This disclosure relates to the field of vehicle guidance and, in particular, to vehicle computer vision systems for guiding a vehicle on a public roadway.
Automated driving on highways is an actively-researched problem which has led to the emergence of many driver assistance systems. City street and residential street automated driving, however, provides a new set of challenges, which require more sophisticated algorithms in multiple areas ranging from perception, to behavioral planning, to collision avoidance systems. One crucial part of perception is the detection and classification of traffic lights and other roadway markers. Traffic lights present a challenging problem due to their small size and high ambiguity with other objects present in the urban environment, such as lamps, decorations, and reflections.
Previous works on traffic light detection and classification utilize spotlight detection and color thresholding, template matching, or map information. All these systems make strong assumptions. Usually, these previous systems require the traffic lights to be at least a certain size for the algorithm to work, on a distinctive background such as suspended traffic lights in front of the sky, or assume the existence of maps that contain prior knowledge about the locations of all traffic lights in the environment.

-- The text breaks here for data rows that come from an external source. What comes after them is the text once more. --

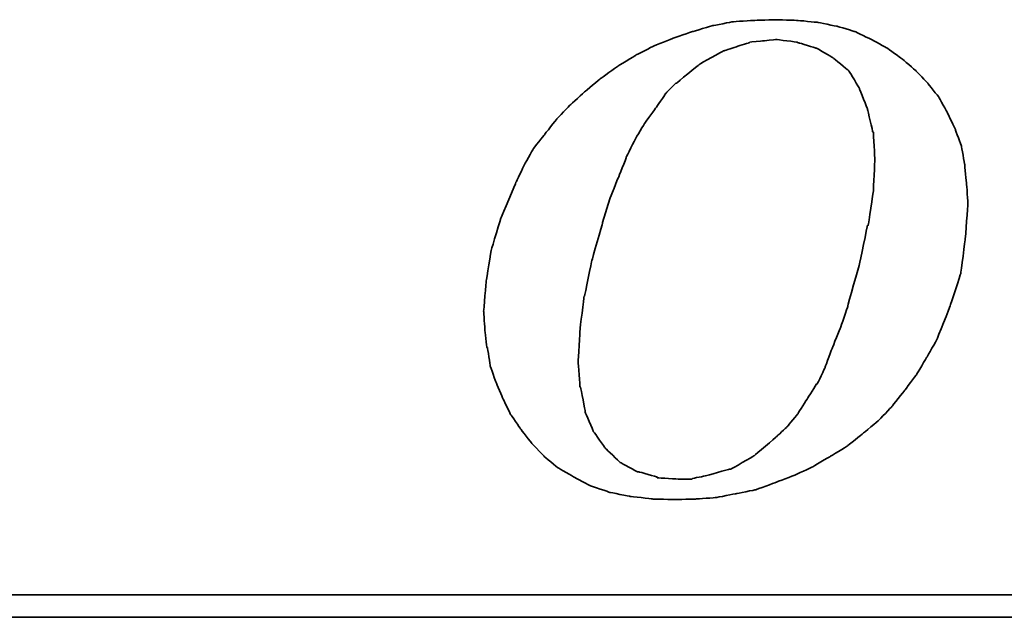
# Model space of a CAD drawing. Header units: inches. Extents: x 30 to 881, y 41 to 673.
# Tile 40 of 55: x 214.69 to 219.75, y 111.99 to 115.07. Entities that reach past the tile are written whole.
import ezdxf

# ---------------------------------------------------------------- set-up
doc = ezdxf.new("R2010")
doc.units = ezdxf.units.IN
doc.header["$LTSCALE"] = 0.1
doc.layers.add('DIM', color=4, linetype='Continuous')
doc.layers.add('layer 1', color=7, linetype='Continuous')

# ---------------------------------------------------------------- blocks, each defined once
blk = doc.blocks.new('TBI MOTION logo(完整正式版)')
at = {"layer": 'layer 1', "color": 22, "lineweight": 35}
for points, knots in [([(-11.34375, -6.98375), (-11.34375, -6.98375), (-10.91375, -7.43875), (-10.91375, -7.43875), (-10.91375, -7.43875), (-10.91375, -7.43875), (-10.38625, -7.87125), (-10.38625, -7.87125), (-10.38625, -7.87125), (-10.38625, -7.87125), (-9.81125, -8.20375), (-9.81125, -8.20375), (-9.81125, -8.20375), (-9.81125, -8.20375), (-9.21125, -8.51875), (-9.21125, -8.51875), (-9.21125, -8.51875), (-9.21125, -8.51875), (-8.51625, -8.75875), (-8.51625, -8.75875), (-8.51625, -8.75875), (-8.51625, -8.75875), (-7.77125, -8.90375), (-7.77125, -8.90375), (-7.77125, -8.90375), (-7.77125, -8.90375), (-6.97875, -8.99875), (-6.97875, -8.99875), (-6.97875, -8.99875), (-6.97875, -8.99875), (-6.14125, -9.02375), (-6.14125, -9.02375), (-6.14125, -9.02375), (-6.14125, -9.02375), (-5.37125, -8.99875), (-5.37125, -8.99875), (-5.37125, -8.99875), (-5.37125, -8.99875), (-4.65375, -8.94875), (-4.65375, -8.94875), (-4.65375, -8.94875), (-4.65375, -8.94875), (-3.93375, -8.80625), (-3.93375, -8.80625), (-3.93375, -8.80625), (-3.93375, -8.80625), (-3.21375, -8.66375), (-3.21375, -8.66375), (-3.21375, -8.66375), (-3.21375, -8.66375), (-2.49375, -8.39875), (-2.49375, -8.39875), (-2.49375, -8.39875), (-2.49375, -8.39875), (-1.79875, -8.13375), (-1.79875, -8.13375), (-1.79875, -8.13375), (-1.79875, -8.13375), (-1.17375, -7.84375), (-1.17375, -7.84375), (-1.17375, -7.84375), (-1.17375, -7.84375), (-0.52375, -7.46375), (-0.52375, -7.46375), (-0.52375, -7.46375), (-0.52375, -7.46375), (0.10124, -7.07875), (0.10124, -7.07875), (0.10124, -7.07875), (0.10124, -7.07875), (0.67625, -6.62375), (0.67625, -6.62375), (0.67625, -6.62375), (0.67625, -6.62375), (1.24874, -6.14375), (1.24874, -6.14375), (1.24874, -6.14375), (1.24874, -6.14375), (1.72874, -5.64125), (1.72874, -5.64125), (1.72874, -5.64125), (1.72874, -5.64125), (2.18624, -5.06375), (2.18624, -5.06375), (2.18624, -5.06375), (2.18624, -5.06375), (2.61625, -4.48874), (2.61625, -4.48874), (2.61625, -4.48874), (2.61625, -4.48874), (3.00125, -3.83874), (3.00125, -3.83874), (3.00125, -3.83874), (3.00125, -3.83874), (3.36124, -3.21374), (3.36124, -3.21374), (3.36124, -3.21374), (3.36124, -3.21374), (3.84374, -1.99125), (3.84374, -1.99125), (3.84374, -1.99125), (3.84374, -1.99125), (4.22625, -0.81875), (4.22625, -0.81875), (4.22625, -0.81875), (4.22625, -0.81875), (4.39125, 0.45624), (4.39125, 0.45624), (4.39125, 0.45624), (4.39125, 0.45624), (4.48874, 1.70124), (4.48874, 1.70124), (4.48874, 1.70124), (4.48874, 1.70124), (4.43874, 2.44625), (4.43874, 2.44625), (4.43874, 2.44625), (4.43874, 2.44625), (4.36874, 3.14125), (4.36874, 3.14125), (4.36874, 3.14125), (4.36874, 3.14125), (4.25125, 3.81125), (4.25125, 3.81125), (4.25125, 3.81125), (4.25125, 3.81125), (4.03124, 4.41125), (4.03124, 4.41125), (4.03124, 4.41125), (4.03124, 4.41125), (3.74374, 5.01125), (3.74374, 5.01125), (3.74374, 5.01125), (3.74374, 5.01125), (3.43124, 5.58875), (3.43124, 5.58875), (3.43124, 5.58875), (3.43124, 5.58875), (3.02625, 6.09125), (3.02625, 6.09125), (3.02625, 6.09125), (3.02625, 6.09125), (2.59374, 6.54875), (2.59374, 6.54875), (2.59374, 6.54875), (2.59374, 6.54875), (2.09124, 6.98125), (2.09124, 6.98125), (2.09124, 6.98125), (2.09124, 6.98125), (1.56124, 7.36625), (1.56124, 7.36625), (1.56124, 7.36625), (1.56124, 7.36625), (0.98624, 7.67625), (0.98624, 7.67625), (0.98624, 7.67625), (0.98624, 7.67625), (0.38624, 7.96375), (0.38624, 7.96375), (0.38624, 7.96375), (0.38624, 7.96375), (-0.25875, 8.15625), (-0.25875, 8.15625), (-0.25875, 8.15625), (-0.25875, 8.15625), (-0.98125, 8.30125), (-0.98125, 8.30125), (-0.98125, 8.30125), (-0.98125, 8.30125), (-1.70124, 8.37125), (-1.70124, 8.37125), (-1.70124, 8.37125), (-1.70124, 8.37125), (-2.49375, 8.39624), (-2.49375, 8.39624), (-2.49375, 8.39624), (-2.49375, 8.39624), (-3.28625, 8.37125), (-3.28625, 8.37125), (-3.28625, 8.37125), (-3.28625, 8.37125), (-4.05125, 8.32125), (-4.05125, 8.32125), (-4.05125, 8.32125), (-4.05125, 8.32125), (-4.77375, 8.18125), (-4.77375, 8.18125), (-4.77375, 8.18125), (-4.77375, 8.18125), (-5.51625, 7.96375), (-5.51625, 7.96375), (-5.51625, 7.96375), (-5.51625, 7.96375), (-6.21125, 7.72625), (-6.21125, 7.72625), (-6.21125, 7.72625), (-6.21125, 7.72625), (-6.92875, 7.43625), (-6.92875, 7.43625), (-6.92875, 7.43625), (-6.92875, 7.43625), (-7.57875, 7.10125), (-7.57875, 7.10125), (-7.57875, 7.10125), (-7.57875, 7.10125), (-8.24875, 6.69125), (-8.24875, 6.69125), (-8.24875, 6.69125), (-8.24875, 6.69125), (-8.84875, 6.26125), (-8.84875, 6.26125), (-8.84875, 6.26125), (-8.84875, 6.26125), (-9.42625, 5.78125), (-9.42625, 5.78125), (-9.42625, 5.78125), (-9.42625, 5.78125), (-9.95375, 5.30125), (-9.95375, 5.30125), (-9.95375, 5.30125), (-9.95375, 5.30125), (-10.43375, 4.79624), (-10.43375, 4.79624), (-10.43375, 4.79624), (-10.43375, 4.79624), (-10.88875, 4.22125), (-10.88875, 4.22125), (-10.88875, 4.22125), (-10.88875, 4.22125), (-11.29875, 3.69375), (-11.29875, 3.69375), (-11.29875, 3.69375), (-11.29875, 3.69375), (-11.63375, 3.09125), (-11.63375, 3.09125), (-11.63375, 3.09125), (-11.63375, 3.09125), (-11.91875, 2.49625), (-11.91875, 2.49625), (-11.91875, 2.49625), (-11.91875, 2.49625), (-12.44875, 1.24625), (-12.44875, 1.24625), (-12.44875, 1.24625), (-12.44875, 1.24625), (-12.80875, 0.06874), (-12.80875, 0.06874), (-12.80875, 0.06874), (-12.80875, 0.06874), (-12.99875, -1.07875), (-12.99875, -1.07875), (-12.99875, -1.07875), (-12.99875, -1.07875), (-13.09375, -2.18375), (-13.09375, -2.18375), (-13.09375, -2.18375), (-13.09375, -2.18375), (-13.04875, -2.85375), (-13.04875, -2.85375), (-13.04875, -2.85375), (-13.04875, -2.85375), (-12.97375, -3.50375), (-12.97375, -3.50375), (-12.97375, -3.50375), (-12.97375, -3.50375), (-12.95375, -3.50375), (-12.95375, -3.50375), (-12.95375, -3.50375), (-12.95375, -3.50375), (-12.85375, -4.17375), (-12.85375, -4.17375), (-12.85375, -4.17375), (-12.85375, -4.17375), (-12.63875, -4.77624), (-12.63875, -4.77624), (-12.63875, -4.77624), (-12.63875, -4.77624), (-12.39875, -5.35125), (-12.39875, -5.35125), (-12.39875, -5.35125), (-12.39875, -5.35125), (-12.11375, -5.92875), (-12.11375, -5.92875), (-12.11375, -5.92875), (-12.11375, -5.92875), (-11.75375, -6.45375), (-11.75375, -6.45375), (-11.75375, -6.45375), (-11.75375, -6.45375), (-11.34375, -6.98375), (-11.34375, -6.98375)], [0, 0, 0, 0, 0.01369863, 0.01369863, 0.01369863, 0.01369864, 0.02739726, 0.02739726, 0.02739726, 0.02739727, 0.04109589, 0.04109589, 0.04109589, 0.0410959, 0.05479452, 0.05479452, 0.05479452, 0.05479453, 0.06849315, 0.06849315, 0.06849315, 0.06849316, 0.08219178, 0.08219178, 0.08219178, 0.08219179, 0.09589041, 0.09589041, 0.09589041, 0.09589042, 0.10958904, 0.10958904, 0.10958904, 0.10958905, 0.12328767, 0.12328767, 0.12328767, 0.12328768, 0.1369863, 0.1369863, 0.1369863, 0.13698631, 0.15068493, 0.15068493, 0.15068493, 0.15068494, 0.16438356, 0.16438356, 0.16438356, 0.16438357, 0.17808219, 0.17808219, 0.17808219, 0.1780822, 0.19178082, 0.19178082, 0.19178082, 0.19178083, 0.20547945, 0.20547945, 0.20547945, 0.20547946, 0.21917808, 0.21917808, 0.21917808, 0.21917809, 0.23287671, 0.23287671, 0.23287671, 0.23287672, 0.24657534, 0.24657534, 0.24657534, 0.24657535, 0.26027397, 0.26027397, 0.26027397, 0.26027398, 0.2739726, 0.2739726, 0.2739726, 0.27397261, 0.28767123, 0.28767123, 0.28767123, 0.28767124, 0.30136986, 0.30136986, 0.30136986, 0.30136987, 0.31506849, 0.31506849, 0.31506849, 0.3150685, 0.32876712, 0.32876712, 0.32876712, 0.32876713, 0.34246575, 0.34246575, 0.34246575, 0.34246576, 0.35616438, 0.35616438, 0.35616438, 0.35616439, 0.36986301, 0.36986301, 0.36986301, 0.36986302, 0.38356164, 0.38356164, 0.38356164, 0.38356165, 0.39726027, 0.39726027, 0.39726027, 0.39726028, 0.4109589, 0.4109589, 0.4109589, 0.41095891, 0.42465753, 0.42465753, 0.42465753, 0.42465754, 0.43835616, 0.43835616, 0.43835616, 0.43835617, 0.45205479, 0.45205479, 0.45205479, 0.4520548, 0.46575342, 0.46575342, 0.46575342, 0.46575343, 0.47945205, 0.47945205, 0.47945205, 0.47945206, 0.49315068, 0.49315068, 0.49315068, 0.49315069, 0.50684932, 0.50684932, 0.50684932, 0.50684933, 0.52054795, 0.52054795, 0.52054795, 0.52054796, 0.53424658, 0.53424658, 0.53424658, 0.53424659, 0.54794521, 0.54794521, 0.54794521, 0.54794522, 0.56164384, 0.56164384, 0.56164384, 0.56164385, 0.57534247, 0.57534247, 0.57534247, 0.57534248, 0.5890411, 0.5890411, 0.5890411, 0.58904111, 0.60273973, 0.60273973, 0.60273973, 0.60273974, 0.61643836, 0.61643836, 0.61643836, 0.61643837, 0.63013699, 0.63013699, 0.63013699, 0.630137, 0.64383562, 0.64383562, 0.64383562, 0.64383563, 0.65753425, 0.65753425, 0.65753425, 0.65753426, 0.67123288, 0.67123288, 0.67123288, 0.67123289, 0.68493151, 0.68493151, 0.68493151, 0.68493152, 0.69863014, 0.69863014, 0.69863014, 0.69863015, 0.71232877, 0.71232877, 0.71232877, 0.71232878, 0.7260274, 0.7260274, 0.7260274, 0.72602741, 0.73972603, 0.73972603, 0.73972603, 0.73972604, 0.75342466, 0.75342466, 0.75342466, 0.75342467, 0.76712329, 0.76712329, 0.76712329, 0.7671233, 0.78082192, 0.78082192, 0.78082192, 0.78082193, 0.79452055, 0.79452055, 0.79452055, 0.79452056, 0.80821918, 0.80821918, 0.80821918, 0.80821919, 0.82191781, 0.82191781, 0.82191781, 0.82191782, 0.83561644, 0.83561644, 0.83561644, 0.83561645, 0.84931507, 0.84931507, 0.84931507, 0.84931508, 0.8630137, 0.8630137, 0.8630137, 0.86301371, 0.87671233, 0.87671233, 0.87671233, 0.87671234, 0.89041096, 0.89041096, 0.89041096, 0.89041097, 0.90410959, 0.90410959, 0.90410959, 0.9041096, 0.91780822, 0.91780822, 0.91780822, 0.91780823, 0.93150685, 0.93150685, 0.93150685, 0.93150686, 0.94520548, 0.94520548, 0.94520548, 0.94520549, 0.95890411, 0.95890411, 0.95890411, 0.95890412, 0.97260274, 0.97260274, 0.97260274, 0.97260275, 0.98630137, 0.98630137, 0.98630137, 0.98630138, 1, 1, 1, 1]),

With recent advances and performance of deep neural networks, significant improvements have been made in several fields of machine learning and especially computer vision. Deep learning has been used for image classification, end-to-end object detection, pixel-precise object segmentation, and other applications. A drawback, however, of deep neural networks currently is the amount of training data used to train the network.
Accordingly, further developments in the area of using computer vision to identify roadway markers, such as traffic lights, are desirable.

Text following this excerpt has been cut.